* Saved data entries
= = =
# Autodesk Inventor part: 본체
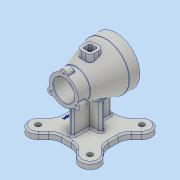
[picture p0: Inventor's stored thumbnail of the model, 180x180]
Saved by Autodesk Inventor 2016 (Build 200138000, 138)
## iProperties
Created: 2018-03
Part Number: 본체
Material: 알루미늄 6061
Document SubType Name: Modeling
Designer: 605-15
Density: 2.7 g/cm^3
Appearance: 알루미늄 - 평지
Mass: 1043.48 g
Surface Area: 885.729 cm^2
Volume: 386.474 cm^3
Author: 605-15
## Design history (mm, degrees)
sketch "스케치1"
  geometry: L1 (0, 0)-(-45, 0); L2 (-45, 0)-(-45, 20); L3 (0, 0)-(0, 100); L4 (0, 100)-(-27.5, 100); L5 (-27.5, 100)-(-27.5, 77); L6 (-27.5, 77)-(-45, 20); L7 (0, 0)-(0, -41.292)
  constraints: 14 end point, 3 perpendicular, 2 vertical, 1 horizontal
  dimensions: "d0" = 45 distance of L1.start L1.end; "d1" = 20 distance of L1.end L2.end; "d3" = 100 distance of L1.start L3.end; "d4" = 27.5 distance of L3.end L4.end; "d5" = 23 distance of L4.end L5.end
revolve "회전1" sketch "스케치1" stored, may be unused: angle "d6" = 90 deg
sketch "스케치2" dims "d7" = 55
  geometry: L1 (0, 0)-(0, 66.107); C1 r 7 at (0, 27.5); 1 further point
  constraints: 2 end point, 1 centre point, 1 coincident, 1 point on line, 1 vertical, 1 vertical alignment, 2 other
  dimensions: "d8" = 7 radius of C1
extrude "돌출1" join sketch "스케치2" distance "d9" = 15; taper "d10" = 0 deg
sketch "스케치3"
  geometry: A1 r 27.5 centre (0, -27.5) between (26.516, -34.792) and (6.943, -0.891) reference; A2 r 7 centre (0, 0) between (6.943, -0.891) and (-6.943, -0.891) reference; A3 r 27.5 centre (0, -27.5) between (-6.943, -0.891) and (-26.516, -34.792) reference; A4 r 7 centre (-23.816, -41.25) between (-26.516, -34.792) and (-19.573, -46.817) reference; A5 r 27.5 centre (0, -27.5) between (-19.573, -46.817) and (19.573, -46.817) reference; A6 r 7 centre (23.816, -41.25) between (19.573, -46.817) and (26.516, -34.792) reference; 4 further points
  constraints: 3 coincident
hole "구멍1" sketch "스케치3" at (0, 0), (23.816, -41.25), (-23.816, -41.25) diameter "d14" = 3.242; stored, may be unused: countersink angle "d18" = 90 deg, drill point angle "d20" = 118 deg; dims "d15" = 9, "d16" = 4, "d17" = 2, "d19" = 11
sketch "스케치4"
  geometry: C1 r 35 at (0, 0); 1 further point
  constraints: 1 centre point, 1 coincident
  dimensions: "d21" = 70 diameter of C1
extrude "돌출2" cut sketch "스케치4" distance "d22" = 23; taper "d23" = 0 deg
sketch "스케치5"
  geometry: C1 r 26 at (0, 0); 1 further point
  constraints: 1 centre point, 1 coincident
  dimensions: "d24" = 52 diameter of C1
extrude "돌출3" cut sketch "스케치5" distance "d25" = 47; taper "d26" = 0 deg
sketch "스케치6"
  geometry: C1 r 20 at (0, 0); 1 further point
  constraints: 1 centre point, 1 coincident
  dimensions: "d27" = 40 diameter of C1
extrude "돌출4" cut sketch "스케치6" stored distance "d28" = 47; taper "d29" = 0 deg
sketch "스케치7" dims "d30" = 80
  geometry: L1 (0, 0)-(0, -68.967); 2 further points
  constraints: 2 end point, 1 coincident, 1 point on line, 1 vertical, 1 vertical alignment, 2 other
hole "구멍2" sketch "스케치7" at (0, -40) diameter "d31" = 3.242; stored, may be unused: countersink angle "d35" = 90 deg, drill point angle "d37" = 118 deg; dims "d32" = 9, "d33" = 4, "d34" = 2, "d36" = 11
node "작업 평면1"
sketch "스케치8"
  geometry: L1 (45, 20)-(-45, 20) reference; L2 (45, 0)-(-45, 0) reference; L3 (12.5, 37.5)-(-12.5, 37.5); L4 (-12.5, 37.5)-(-12.5, 62.5); L5 (-12.5, 62.5)-(12.5, 62.5); L6 (12.5, 62.5)-(12.5, 37.5); L7 (12.5, 50)-(65.887, 50); L8 (7.5, 42.5)-(-7.5, 42.5); L9 (-7.5, 42.5)-(-7.5, 57.5); L10 (-7.5, 57.5)-(7.5, 57.5); L11 (7.5, 57.5)-(7.5, 42.5); 6 further points
  constraints: 18 end point, 6 midpoint, 4 parallel, 3 horizontal, 2 perpendicular, 2 vertical alignment, 1 horizontal alignment
  dimensions: "d42" = 25 distance of L5.end L3.start; "d43" = 25 distance of L4.end L5.end; "d44" = 50 distance between parallel lines of L7 L2; "d45" = 15 distance of L10.end L8.start; "d46" = 15 distance of L8.start L8.end
  node "투영된 루프2"
extrude "돌출5" join sketch "스케치8" stored distance "d47" = 47; taper "d48" = 0 deg
extrude "돌출6" cut sketch "스케치8" stored distance "d49" = 47; taper "d50" = 0 deg
node "작업 평면2"
sketch "스케치9"
  geometry: L1 (45, 20)-(-45, 20) reference; L2 (45, 0)-(-45, 0) reference; L3 (0, 50)-(-72.752, -22.752); L4 (0, 50)-(0, -81.55); L5 (45, 5)-(-45, 95); L6 (-45, 5)-(45, 95); L7 (9.189, 5)-(-9.189, 5); L8 (-45, 40.811)-(-45, 59.189); L9 (-9.189, 95)-(9.189, 95); L10 (45, 5)-(-45, 95); L11 (-45, 5)-(45, 95); L12 (-62.225, 13.23)-(-52.322, 23.134); L13 (-36.77, -12.225)-(-24.544, 0); L14 (36.77, -12.225)-(26.866, -2.322); L15 (62.225, 13.23)-(50, 25.456); L16 (62.225, 86.77)-(52.322, 76.866); L17 (36.77, 112.225)-(24.544, 100); L18 (-36.77, 112.225)-(-26.866, 102.322); L19 (-62.225, 86.77)-(-50, 74.544); L20 (45, 59.189)-(45, 40.811); C1 r 70 at (0, 50); A1 r 25 centre (-9.189, -20) between (-9.189, 5) and (-26.866, -2.322); A2 r 25 centre (-70, 40.811) between (-52.322, 23.134) and (-45, 40.811); A3 r 18 centre (-49.497, 0.503) between (-60.483, 14.761) and (-35.239, -10.483); A4 r 18 centre (49.497, 0.503) between (35.239, -10.483) and (60.483, 14.761); A5 r 25 centre (9.189, -20) between (26.866, -2.322) and (9.189, 5); A6 r 25 centre (70, 40.811) between (45, 40.811) and (52.322, 23.134); A7 r 18 centre (49.497, 99.497) between (60.483, 85.239) and (35.239, 110.483); A8 r 25 centre (70, 59.189) between (52.322, 76.866) and (45, 59.189); A9 r 25 centre (9.189, 120) between (9.189, 95) and (26.866, 102.322); A10 r 18 centre (-49.497, 99.497) between (-35.239, 110.483) and (-60.483, 85.239); A11 r 25 centre (-9.189, 120) between (-26.866, 102.322) and (-9.189, 95); A12 r 25 centre (-70, 59.189) between (-45, 59.189) and (-52.322, 76.866); 2 further points
  constraints: 37 end point, 32 point on circle, 13 centre point, 8 tangent, 6 point on line, 5 midpoint, 2 parallel, 2 perpendicular, 2 vertical alignment, 1 coincident, 1 equal radius, 1 horizontal, 1 vertical, 69 other
  dimensions: "d53" = 50 distance from line of L2 L3.start; "d54" = 45 deg angle of L4 L3; "d63" = 90 distance of L11.start L10.end; "d64" = 90 distance of L10.start L11.start; "d68" = 140 diameter of C1; "d71" = 360 deg dimension on C1.centre A3.centre (derived); "d73" = 25 radius of A8; "d74" = 18 radius of A7; "d75" = 45 deg angle of L1 L11; "d76" = 45 deg angle of L1 L6; "d77" = 45 deg angle of L1 L10; "d78" = 75 distance between parallel lines of L1 L9; "d79" = 66.76955 distance from line of L16.start L1; "d80" = 65.23874 distance from line of A7.start L1; "d81" = 5.23874 distance from line of A4.end L1; "d82" = 75 distance from line of L11.end L1; "d83" = 75 distance from line of L6.end L1; "d84" = 15 distance from line of L10.start L1; "d85" = 15 distance from line of L5.start L1; "d86" = 101.54986 distance from line of L4.end L1; "d87" = 75 distance from line of L5.end L1; "d88" = 15 distance from line of L6.start L1; "d89" = 42.75198 distance from line of L3.end L1
extrude "돌출7" join sketch "스케치9" distance "d90" = 12; taper "d91" = 0 deg
sketch "스케치10"
  geometry: L1 (36.77, -12.225)-(26.866, -2.322) reference; L2 (9.189, 5)-(-9.189, 5) reference; L3 (-26.866, -2.322)-(-36.77, -12.225) reference; L4 (-62.225, 13.23)-(-52.322, 23.134) reference; L5 (-45, 40.811)-(-45, 59.189) reference; L6 (-52.322, 76.866)-(-62.225, 86.77) reference; L7 (-36.77, 112.225)-(-26.866, 102.322) reference; L8 (-9.189, 95)-(9.189, 95) reference; L9 (26.866, 102.322)-(36.77, 112.225) reference; L10 (62.225, 86.77)-(52.322, 76.866) reference; L11 (45, 59.189)-(45, 40.811) reference; L12 (52.322, 23.134)-(62.225, 13.23) reference; L13 (-45, 50)-(45, 50); L14 (-4, 13)-(4, 13); L15 (4, 87)-(-4, 87); L16 (-4, 13)-(4, 87); L17 (4, 13)-(-4, 87); L18 (-24, 54)-(-24, 46); L19 (24, 46)-(24, 54); L20 (-24, 54)-(24, 46); L21 (-24, 46)-(-4, 46); L22 (24, 54)-(0, 50); L23 (-4, 49.333)-(-24, 46); L24 (-4, 87)-(-4, 54); L25 (24, 54)-(4, 54); L26 (-4, 54)-(-24, 54); L27 (4, 46)-(24, 46); L28 (4, 13)-(4, 46); L29 (4, 54)-(4, 87); L30 (-4, 46)-(-4, 13); A1 r 25 centre (9.189, -20) between (26.866, -2.322) and (9.189, 5) reference; A2 r 25 centre (-9.189, -20) between (-9.189, 5) and (-26.866, -2.322) reference; A3 r 18 centre (-49.497, 0.503) between (-62.225, 13.23) and (-36.77, -12.225) reference; A4 r 25 centre (-70, 40.811) between (-52.322, 23.134) and (-45, 40.811) reference; A5 r 25 centre (-70, 59.189) between (-45, 59.189) and (-52.322, 76.866) reference; A6 r 18 centre (-49.497, 99.497) between (-36.77, 112.225) and (-62.225, 86.77) reference; A7 r 25 centre (-9.189, 120) between (-26.866, 102.322) and (-9.189, 95) reference; A8 r 25 centre (9.189, 120) between (9.189, 95) and (26.866, 102.322) reference; A9 r 18 centre (49.497, 99.497) between (62.225, 86.77) and (36.77, 112.225) reference; A10 r 25 centre (70, 59.189) between (52.322, 76.866) and (45, 59.189) reference; A11 r 25 centre (70, 40.811) between (45, 40.811) and (52.322, 23.134) reference; A12 r 18 centre (49.497, 0.503) between (36.77, -12.225) and (62.225, 13.23) reference; 1 further point
  constraints: 36 end point, 10 parallel, 6 midpoint, 4 perpendicular, 3 horizontal
  dimensions: "d92" = 8 distance of L15.start L15.end; "d93" = 74 distance of L15.end L14.start; "d94" = 8 distance of L18.start L18.end; "d95" = 48 distance of L19.end L18.start; "d96" = 144.462 deg angle of L10 L22; "d97" = 125.538 deg angle of L10 L20; "d98" = 51.1702 deg angle of L10 L17; "d99" = 38.8298 deg angle of L10 L16; "d100" = 144.462 deg angle of L10 L23; "d101" = 49 distance between parallel lines of L2 L25; "d102" = 20.35702 distance from line of L23.start L10
extrude "돌출8" join sketch "스케치10" stored distance "d103" = 12; taper "d104" = 0 deg
sketch "스케치11"
  geometry: L1 (36.77, -12.225)-(26.866, -2.322) reference; L2 (9.189, 5)-(-9.189, 5) reference; L3 (-26.866, -2.322)-(-36.77, -12.225) reference; L4 (-62.225, 13.23)-(-52.322, 23.134) reference; L5 (-45, 40.811)-(-45, 59.189) reference; L6 (-52.322, 76.866)-(-62.225, 86.77) reference; L7 (-36.77, 112.225)-(-26.866, 102.322) reference; L8 (-9.189, 95)-(9.189, 95) reference; L9 (26.866, 102.322)-(36.77, 112.225) reference; L10 (62.225, 86.77)-(52.322, 76.866) reference; L11 (45, 59.189)-(45, 40.811) reference; L12 (52.322, 23.134)-(62.225, 13.23) reference; L13 (9.189, 5)-(-9.189, 5) reference; L14 (-9.189, 95)-(9.189, 95) reference; A1 r 25 centre (9.189, -20) between (26.866, -2.322) and (9.189, 5) reference; A2 r 25 centre (-9.189, -20) between (-9.189, 5) and (-26.866, -2.322) reference; A3 r 18 centre (-49.497, 0.503) between (-62.225, 13.23) and (-36.77, -12.225) reference; A4 r 25 centre (-70, 40.811) between (-52.322, 23.134) and (-45, 40.811) reference; A5 r 25 centre (-70, 59.189) between (-45, 59.189) and (-52.322, 76.866) reference; A6 r 18 centre (-49.497, 99.497) between (-36.77, 112.225) and (-62.225, 86.77) reference; A7 r 25 centre (-9.189, 120) between (-26.866, 102.322) and (-9.189, 95) reference; A8 r 25 centre (9.189, 120) between (9.189, 95) and (26.866, 102.322) reference; A9 r 18 centre (49.497, 99.497) between (62.225, 86.77) and (36.77, 112.225) reference; A10 r 25 centre (70, 59.189) between (52.322, 76.866) and (45, 59.189) reference; A11 r 25 centre (70, 40.811) between (45, 40.811) and (52.322, 23.134) reference; A12 r 18 centre (49.497, 0.503) between (36.77, -12.225) and (62.225, 13.23) reference; 5 further points
  constraints: 4 coincident
hole "구멍3" sketch "스케치11" at (49.497, 0.503), (-49.497, 0.503), (-49.497, 99.497), (49.497, 99.497) diameter "d106" = 10; stored, may be unused: countersink angle "d110" = 90 deg, drill point angle "d112" = 118 deg; dims "d107" = 9, "d108" = 4, "d109" = 2, "d111" = 10
sketch "스케치12"
  geometry: L1 (33, 48.85)-(33, 51.15); L2 (33, 51.15)-(37, 51.15); L3 (37, 51.15)-(37, 48.85); L4 (37, 48.85)-(33, 48.85); L5 (36.77, -12.225)-(26.866, -2.322) reference; L6 (9.189, 5)-(-9.189, 5) reference; L7 (-26.866, -2.322)-(-36.77, -12.225) reference; L8 (-62.225, 13.23)-(-52.322, 23.134) reference; L9 (-45, 40.811)-(-45, 59.189) reference; L10 (-52.322, 76.866)-(-62.225, 86.77) reference; L11 (-36.77, 112.225)-(-26.866, 102.322) reference; L12 (-9.189, 95)-(9.189, 95) reference; L13 (26.866, 102.322)-(36.77, 112.225) reference; L14 (62.225, 86.77)-(52.322, 76.866) reference; L15 (45, 59.189)-(45, 40.811) reference; L16 (52.322, 23.134)-(62.225, 13.23) reference; C1 r 5 at (-49.497, 99.497) reference; C2 r 5 at (49.497, 0.503) reference; C3 r 5 at (-49.497, 0.503) reference; C4 r 5 at (49.497, 99.497) reference; A1 r 25 centre (9.189, -20) between (26.866, -2.322) and (9.189, 5) reference; A2 r 25 centre (-9.189, -20) between (-9.189, 5) and (-26.866, -2.322) reference; A3 r 18 centre (-49.497, 0.503) between (-62.225, 13.23) and (-36.77, -12.225) reference; A4 r 25 centre (-70, 40.811) between (-52.322, 23.134) and (-45, 40.811) reference; A5 r 25 centre (-70, 59.189) between (-45, 59.189) and (-52.322, 76.866) reference; A6 r 18 centre (-49.497, 99.497) between (-36.77, 112.225) and (-62.225, 86.77) reference; A7 r 25 centre (-9.189, 120) between (-26.866, 102.322) and (-9.189, 95) reference; A8 r 25 centre (9.189, 120) between (9.189, 95) and (26.866, 102.322) reference; A9 r 18 centre (49.497, 99.497) between (62.225, 86.77) and (36.77, 112.225) reference; A10 r 25 centre (70, 59.189) between (52.322, 76.866) and (45, 59.189) reference; A11 r 25 centre (70, 40.811) between (45, 40.811) and (52.322, 23.134) reference; A12 r 18 centre (49.497, 0.503) between (36.77, -12.225) and (62.225, 13.23) reference; 3 further points
  constraints: 2 midpoint, 1 horizontal alignment, 2 other
  dimensions: "d113" = 4 distance of L1.end L2.end; "d114" = 33 horizontal distance of L1.start point (0, 0)
feature "엠보싱1" sketch "스케치12" dims "d115" = 0.5, "d116" = 0
fillet "모깎기1" dims "d117" = 3
fillet "모깎기2" dims "d118" = 1
fillet "모깎기3" dims "d122" = 8
fillet "모깎기4" dims "d123" = 3
fillet "모깎기5" dims "d124" = 3
fillet "모깎기7" dims "d126" = 3
fillet "모깎기8" dims "d127" = 3
fillet "모깎기11" dims "d130" = 3
fillet "모깎기12" dims "d131" = 3
chamfer "모따기1" distance "d132" = 1; stored, may be unused: second distance "d133" = 2, angle "d134" = 45 deg
chamfer "모따기2" distance "d135" = 3; stored, may be unused: second distance "d136" = 2, angle "d137" = 45 deg
fillet "모깎기13" dims "d138" = 1
fillet "모깎기14" dims "d139" = 3
fillet "모깎기15" dims "d140" = 3
fillet "모깎기16" dims "d141" = 3
node "솔리드1"
pattern_circular "원형 패턴1" dims angle "d12" = 360 deg
pattern_circular "원형 패턴2" dims angle "d39" = 360 deg
pattern_circular "원형 패턴3" dims angle "d120" = 360 deg
node "투영된 루프1"
node "투영된 루프3"
node "투영된 루프4"
node "투영된 루프5"
node "투영된 루프6"
other parameters: "d41" = -45, "d51" = 82, "d55" = 18, "d58" = 25, "d60" = 22.41058, "d62" = 25, "d65" = 36, "d66" = 25, "d67" = 25
= = =
* Required work
Starting at the first line of the records above, set down each line exactly through the one that holds "constraints: 14 end". Omit pictures.

* Solution
# Autodesk Inventor part: 본체
[picture p0: Inventor's stored thumbnail of the model, 180x180]
Saved by Autodesk Inventor 2016 (Build 200138000, 138)
## iProperties
Created: 2018-03
Part Number: 본체
Material: 알루미늄 6061
Document SubType Name: Modeling
Designer: 605-15
Density: 2.7 g/cm^3
Appearance: 알루미늄 - 평지
Mass: 1043.48 g
Surface Area: 885.729 cm^2
Volume: 386.474 cm^3
Author: 605-15
## Design history (mm, degrees)
sketch "스케치1"
  geometry: L1 (0, 0)-(-45, 0); L2 (-45, 0)-(-45, 20); L3 (0, 0)-(0, 100); L4 (0, 100)-(-27.5, 100); L5 (-27.5, 100)-(-27.5, 77); L6 (-27.5, 77)-(-45, 20); L7 (0, 0)-(0, -41.292)
  constraints: 14 end point, 3 perpendicular, 2 vertical, 1 horizontal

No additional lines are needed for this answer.